10. Clinically significant QT interval prolongation, or a condition deemed likely to increase by the trial administrator. Other arrhythmias or clinical conditions that may increase the risk of QT prolongation (e.g., complete left bundle branch block, Class III atrioventricular block, Class II cardiac conduction block, PR interval > 250 msec, congenital long QT syndrome, family history of long QT syndrome, or unexplained sudden death of a first-degree relative under 40 years of age, severe hypokalemia, heart failure) or current use of medications that may prolong the QT interval:

11. Symptomatic hypercalcemia requiring continuous bisphosphonate therapy or denosumab

12. Major trauma or major surgical procedure within 4 weeks prior to day 1 of cycle 1

13. Chronic diarrhea, short bowel syndrome, or major upper gastrointestinal (GI) events. 13. Patients with a history of surgery (including gastrectomy), inflammatory bowel disease (e.g., Crohn's disease or ulcerative colitis), or any active bowel inflammation (including diverticulitis)

14. Patients with any other disease, pulmonary dysfunction, metabolic dysfunction, physical examination findings, or clinical laboratory findings that reasonably suggest a disease or condition may preclude the use of the investigational drug, may affect the interpretation of results, or put the patient at high risk of treatment complications (e.g., poorly controlled hypertension, active bleeding)
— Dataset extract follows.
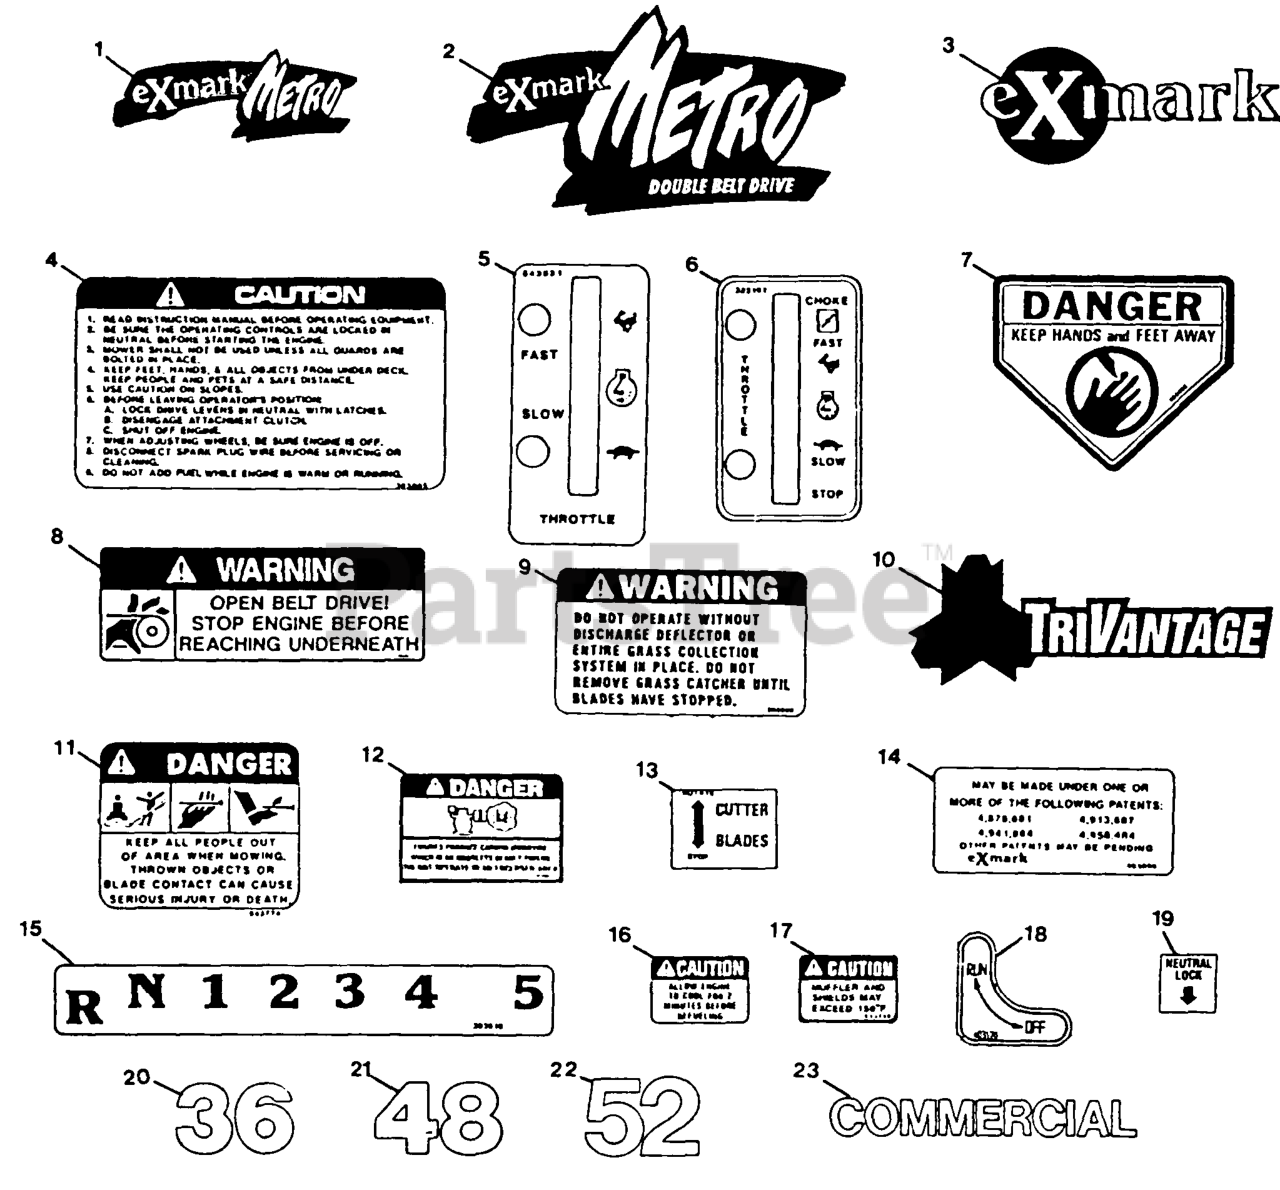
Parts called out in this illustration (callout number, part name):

15. Patients who received radiation therapy (excluding palliative radiation therapy for bone metastases and radiation therapy for CNS metastases) as cancer therapy within 4 weeks prior to starting the investigational treatment

16. Patients who received palliative radiation therapy for bone metastases within 2 weeks prior to starting the investigational drug

17. Patients whose unresolved toxicities from prior therapy (e.g., adjuvant chemotherapy) are still > Grade 1 at the time of starting the investigational drug, excluding hair loss and Grade 2 neuropathy related to prior platinum-based therapy

18. Patients in the 3 days prior to screening Patients with a history of other malignant tumors but with negligible risk of metastasis or death and/or expected to be cured with treatment (e.g., cervical cancer in situ, non-melanoma skin cancer, localized prostate cancer, or ductal carcinoma in situ treated appropriately) are exceptions.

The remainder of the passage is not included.